I think the better approach is to read the whole file as the format it is given in. I wrote a couple of tutorials, e.g. for YAML, CSV, JSON.
It looks as if this is an INI file.
Example Code
Example INI file
INI files need a header. I assume it is network
:
[network]
LISTEN=192.168.180.1 #the network which listen the traffic
NETMASK=255.255.0.0
DOMAIN =test.com
Python 2
#!/usr/bin/env python
import ConfigParser
import io
# Load the configuration file
with open("config.ini") as f:
sample_config = f.read()
config = ConfigParser.RawConfigParser(allow_no_value=True)

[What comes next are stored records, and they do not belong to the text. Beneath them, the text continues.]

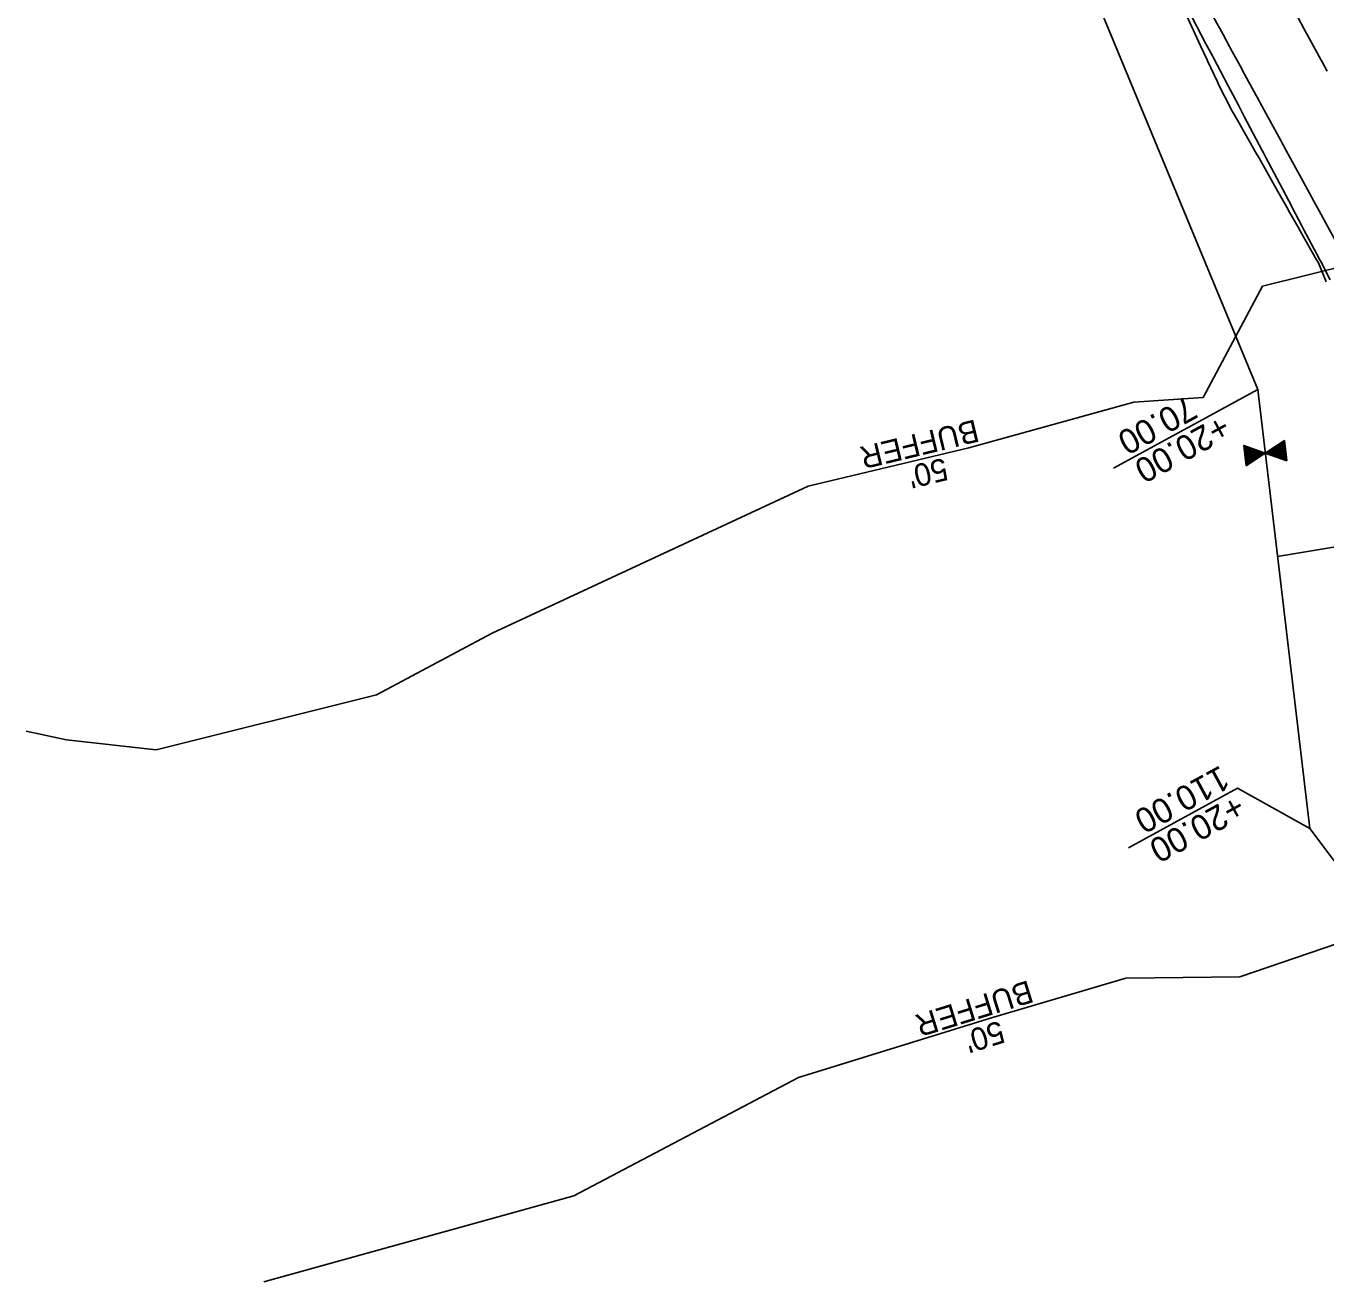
# Model space of a CAD drawing. Extents: x 1627557 to 1636561, y 783843 to 794002.
# Drawn here: x 1627658.9 to 1627975.8, y 784734.6 to 785040.7 of the extents above; entities that cross this region are included whole.
import ezdxf

# ---------------------------------------------------------------- set-up
doc = ezdxf.new("R2010")
doc.units = 0
for name, color, linetype in [('25 FT Buffer', 7, 'Continuous'), ('GATE', 7, 'Continuous'), ('R_Clearzone', 7, 'Continuous'), ('R_Ditch', 7, 'Continuous'), ('R_Proposed Const Limits', 7, 'Continuous'), ('R_Proposed Shoulder', 7, 'Continuous'), ('R_ROW', 7, 'Continuous'), ('R_ROW Annot', 7, 'Continuous')]:
    doc.layers.add(name, color=color, linetype=linetype)

msp = doc.modelspace()

# ---------------------------------------------------------------- linework, layer by layer
at = {"layer": '25 FT Buffer'}
for points in [[(1628054.55, 785023.15), (1628004.24, 784988.22), (1627960.38, 784977.27), (1627945.89, 784950.14), (1627929.03, 784949.04), (1627888.77, 784937.95), (1627849.63, 784928.54), (1627772.56, 784892.79), (1627744.38, 784877.73), (1627690.67, 784864.34), (1627668.83, 784866.74), (1627658.94, 784868.89)], [(1628128.73, 784912.02), (1628047.84, 784832.47), (1628028.94, 784828.64), (1627988.66, 784820.54), (1627954.84, 784809.03), (1627927.06, 784808.64), (1627894.29, 784799.05), (1627847.27, 784784.48), (1627792.52, 784755.67), (1627716.91, 784734.64)]]:
    msp.add_lwpolyline(points, dxfattribs=at)
at = {"layer": 'GATE'}
for p, q in [((1627965.69, 784934.93), (1627965.16, 784939.33)), ((1627965.79, 784934.89), (1627965.26, 784939.39)), ((1627965.9, 784934.86), (1627965.35, 784939.45)), ((1627966, 784934.82), (1627965.44, 784939.51)), ((1627966.11, 784934.78), (1627965.54, 784939.57)), ((1627966.21, 784934.74), (1627965.63, 784939.64)), ((1627956.37, 784933.54), (1627955.78, 784938.49)), ((1627956.47, 784933.6), (1627955.89, 784938.45)), ((1627956.56, 784933.66), (1627955.99, 784938.41)), ((1627956.65, 784933.72), (1627956.1, 784938.38)), ((1627956.75, 784933.79), (1627956.2, 784938.34)), ((1627956.84, 784933.85), (1627956.31, 784938.3)), ((1627956.93, 784933.91), (1627956.41, 784938.26)), ((1627957.03, 784933.97), (1627956.52, 784938.23)), ((1627957.12, 784934.03), (1627956.62, 784938.19)), ((1627957.21, 784934.09), (1627956.73, 784938.15)), ((1627957.31, 784934.15), (1627956.83, 784938.11)), ((1627957.4, 784934.22), (1627956.94, 784938.07)), ((1627957.49, 784934.28), (1627957.04, 784938.04)), ((1627957.59, 784934.34), (1627957.15, 784938)), ((1627957.68, 784934.4), (1627957.25, 784937.96)), ((1627957.77, 784934.46), (1627957.36, 784937.92)), ((1627957.87, 784934.52), (1627957.47, 784937.89)), ((1627957.96, 784934.58), (1627957.57, 784937.85)), ((1627958.05, 784934.65), (1627957.68, 784937.81)), ((1627958.15, 784934.71), (1627957.78, 784937.77)), ((1627958.24, 784934.77), (1627957.89, 784937.73)), ((1627958.33, 784934.83), (1627957.99, 784937.7)), ((1627958.43, 784934.89), (1627958.1, 784937.66)), ((1627958.52, 784934.95), (1627958.2, 784937.62)), ((1627958.61, 784935.01), (1627958.31, 784937.58)), ((1627958.71, 784935.08), (1627958.41, 784937.54)), ((1627958.8, 784935.14), (1627958.52, 784937.51)), ((1627958.89, 784935.2), (1627958.62, 784937.47)), ((1627958.99, 784935.26), (1627958.73, 784937.43)), ((1627959.08, 784935.32), (1627958.83, 784937.39)), ((1627959.17, 784935.38), (1627958.94, 784937.36)), ((1627959.27, 784935.45), (1627959.04, 784937.32)), ((1627959.36, 784935.51), (1627959.15, 784937.28)), ((1627959.45, 784935.57), (1627959.25, 784937.24)), ((1627959.55, 784935.63), (1627959.36, 784937.2)), ((1627959.64, 784935.69), (1627959.46, 784937.17)), ((1627959.73, 784935.75), (1627959.57, 784937.13)), ((1627959.83, 784935.81), (1627959.67, 784937.09)), ((1627959.92, 784935.88), (1627959.78, 784937.05)), ((1627960.01, 784935.94), (1627959.89, 784937.02)), ((1627960.11, 784936), (1627959.99, 784936.98)), ((1627960.2, 784936.06), (1627960.1, 784936.94)), ((1627960.29, 784936.12), (1627960.2, 784936.9)), ((1627960.39, 784936.18), (1627960.31, 784936.86)), ((1627960.48, 784936.24), (1627960.41, 784936.83)), ((1627960.57, 784936.31), (1627960.52, 784936.79)), ((1627960.67, 784936.37), (1627960.62, 784936.75)), ((1627960.76, 784936.43), (1627960.73, 784936.71)), ((1627960.85, 784936.49), (1627960.83, 784936.68)), ((1627960.95, 784936.55), (1627960.94, 784936.64)), ((1627961.06, 784936.59), (1627961.05, 784936.62)), ((1627961.16, 784936.56), (1627961.15, 784936.68)), ((1627961.27, 784936.52), (1627961.24, 784936.75)), ((1627961.37, 784936.48), (1627961.33, 784936.81)), ((1627961.48, 784936.44), (1627961.43, 784936.87)), ((1627961.58, 784936.41), (1627961.52, 784936.93)), ((1627961.69, 784936.37), (1627961.61, 784936.99)), ((1627961.79, 784936.33), (1627961.71, 784937.05)), ((1627961.9, 784936.29), (1627961.8, 784937.11)), ((1627962, 784936.25), (1627961.89, 784937.18)), ((1627962.11, 784936.22), (1627961.99, 784937.24)), ((1627962.22, 784936.18), (1627962.08, 784937.3)), ((1627962.32, 784936.14), (1627962.18, 784937.36)), ((1627962.43, 784936.1), (1627962.27, 784937.42)), ((1627962.53, 784936.07), (1627962.36, 784937.48)), ((1627962.64, 784936.03), (1627962.46, 784937.55)), ((1627962.74, 784935.99), (1627962.55, 784937.61)), ((1627962.85, 784935.95), (1627962.64, 784937.67)), ((1627962.95, 784935.91), (1627962.74, 784937.73)), ((1627963.06, 784935.88), (1627962.83, 784937.79)), ((1627963.16, 784935.84), (1627962.92, 784937.85)), ((1627963.27, 784935.8), (1627963.02, 784937.91)), ((1627963.37, 784935.76), (1627963.11, 784937.98)), ((1627963.48, 784935.72), (1627963.2, 784938.04)), ((1627963.58, 784935.69), (1627963.3, 784938.1)), ((1627963.69, 784935.65), (1627963.39, 784938.16)), ((1627963.79, 784935.61), (1627963.48, 784938.22)), ((1627963.9, 784935.57), (1627963.58, 784938.28)), ((1627964, 784935.54), (1627963.67, 784938.34)), ((1627964.11, 784935.5), (1627963.76, 784938.41)), ((1627964.21, 784935.46), (1627963.86, 784938.47)), ((1627964.32, 784935.42), (1627963.95, 784938.53)), ((1627964.42, 784935.38), (1627964.04, 784938.59)), ((1627964.53, 784935.35), (1627964.14, 784938.65)), ((1627964.64, 784935.31), (1627964.23, 784938.71)), ((1627964.74, 784935.27), (1627964.32, 784938.77)), ((1627964.85, 784935.23), (1627964.42, 784938.84)), ((1627964.95, 784935.2), (1627964.51, 784938.9)), ((1627965.06, 784935.16), (1627964.6, 784938.96)), ((1627965.16, 784935.12), (1627964.7, 784939.02)), ((1627965.27, 784935.08), (1627964.79, 784939.08)), ((1627965.37, 784935.04), (1627964.88, 784939.14)), ((1627965.48, 784935.01), (1627964.98, 784939.21)), ((1627965.58, 784934.97), (1627965.07, 784939.27)), ((1627994.48, 784916.47), (1627964.03, 784911.45))]:
    msp.add_line(p, q, dxfattribs=at)
for points in [[(1627966.29, 784934.71), (1627961.03, 784936.61), (1627965.7, 784939.68)], [(1627956.36, 784933.53), (1627961.03, 784936.61), (1627955.77, 784938.5)]]:
    msp.add_lwpolyline(points, close=True, dxfattribs=at)
at = {"layer": 'R_Clearzone'}
msp.add_lwpolyline([(1627979.03, 784986.75), (1627975.25, 784993.68), (1627974.67, 784994.75), (1627972.41, 784998.88), (1627972.3, 784999.09), (1627969.88, 785003.53), (1627965.75, 785011.1), (1627965.57, 785011.44), (1627965.09, 785012.31), (1627964.83, 785012.79), (1627960.31, 785021.09), (1627959.09, 785023.33), (1627958.84, 785023.78), (1627955.52, 785029.87), (1627955.28, 785030.31), (1627952.58, 785035.26), (1627952.34, 785035.69), (1627950.73, 785038.65), (1627946.07, 785047.2)], dxfattribs=at)
at = {"layer": 'R_Ditch'}
msp.add_lwpolyline([(1627976.88, 784978.87), (1627974.55, 784983.29), (1627974.18, 784983.99), (1627974.13, 784984.08), (1627970.45, 784991.07), (1627969.89, 784992.14), (1627967.69, 784996.31), (1627967.58, 784996.52), (1627965.23, 785000.99), (1627961.21, 785008.63), (1627961.03, 785008.96), (1627960.57, 785009.84), (1627960.31, 785010.33), (1627955.9, 785018.69), (1627954.72, 785020.94), (1627954.47, 785021.4), (1627951.24, 785027.54), (1627951.01, 785027.98), (1627948.38, 785032.97), (1627948.15, 785033.41), (1627946.58, 785036.39), (1627942.05, 785045)], dxfattribs=at)
at = {"layer": 'R_Proposed Const Limits'}
msp.add_lwpolyline([(1627975.91, 784978.34), (1627973.98, 784982.99), (1627973.59, 784983.67), (1627973.54, 784983.76), (1627969.63, 784990.62), (1627969.03, 784991.68), (1627966.7, 784995.77), (1627966.58, 784995.98), (1627964.1, 785000.38), (1627959.88, 785007.91), (1627959.7, 785008.24), (1627959.2, 785009.1), (1627958.93, 785009.58), (1627954.23, 785017.78), (1627952.97, 785019.99), (1627952.71, 785020.44), (1627949.58, 785026.63), (1627949.37, 785027.08), (1627946.98, 785032.21), (1627946.77, 785032.66), (1627945.35, 785035.71), (1627941.23, 785044.56)], dxfattribs=at)
at = {"layer": 'R_Proposed Shoulder'}
msp.add_lwpolyline([(1627976.11, 785029.71), (1627974.89, 785031.94), (1627974.64, 785032.4), (1627971.32, 785038.49), (1627971.08, 785038.92), (1627968.38, 785043.88)], dxfattribs=at)
at = {"layer": 'R_ROW'}
for p, q in [((1627959.18, 784952.13), (1627851.48, 785212.33)), ((1627971.93, 784845.19), (1627959.18, 784952.13)), ((1628014.22, 784788.52), (1627971.93, 784845.19))]:
    msp.add_line(p, q, dxfattribs=at)
at = {"layer": 'R_ROW Annot'}
for points in [[(1627959.18, 784952.13), (1627924.06, 784932.99)], [(1627971.93, 784845.19), (1627954.29, 784854.97), (1627927.66, 784840.45)]]:
    msp.add_lwpolyline(points, dxfattribs=at)

# ---------------------------------------------------------------- texts
at = {"layer": '25 FT Buffer'}
for s, rotation, p in [('BUFFER', 193.5107, (1627890.4, 784944.89)), ("50'", 193.5107, (1627882.84, 784935.53)), ('BUFFER', 197.2073, (1627903.33, 784808.24)), ("50'", 197.2073, (1627896.39, 784798.41))]:
    msp.add_text(s, height=5.5, rotation=rotation, dxfattribs=at).set_placement(p)
at = {"layer": 'R_ROW Annot'}
for s, p in [('70.00', (1627942.14, 784950.82)), ('+20.00', (1627950.36, 784946.19)), ('110.00', (1627950.13, 784860.68)), ('+20.00', (1627953.96, 784853.65))]:
    msp.add_text(s, height=6, rotation=208.601, dxfattribs=at).set_placement(p)

doc.saveas('drawing.dxf')

config.readfp(io.BytesIO(sample_config))
# List all contents
print("List all contents")
for section in config.sections():
print("Section: %s" % section)
for options in config.options(section):
print("x %s:::%s:::%s" % (options,
config.get(section, options),
str(type(options))))
# Print some contents
print("\nPrint some contents")
print(config.get('other', 'use_anonymous')) # Just get the value
Python 3
Look at configparser
:
#!/usr/bin/env python
import configparser
# Load the configuration file
config = configparser.RawConfigParser(allow_no_value=True)
with open("config.ini") as f:
config.readfp(f)
# Print some contents
print(config.get('network', 'LISTEN'))
gives:
192.168.180.1 #the network which listen the traffic
Hence you need to parse that value as well, as INI seems not to know #
-comments.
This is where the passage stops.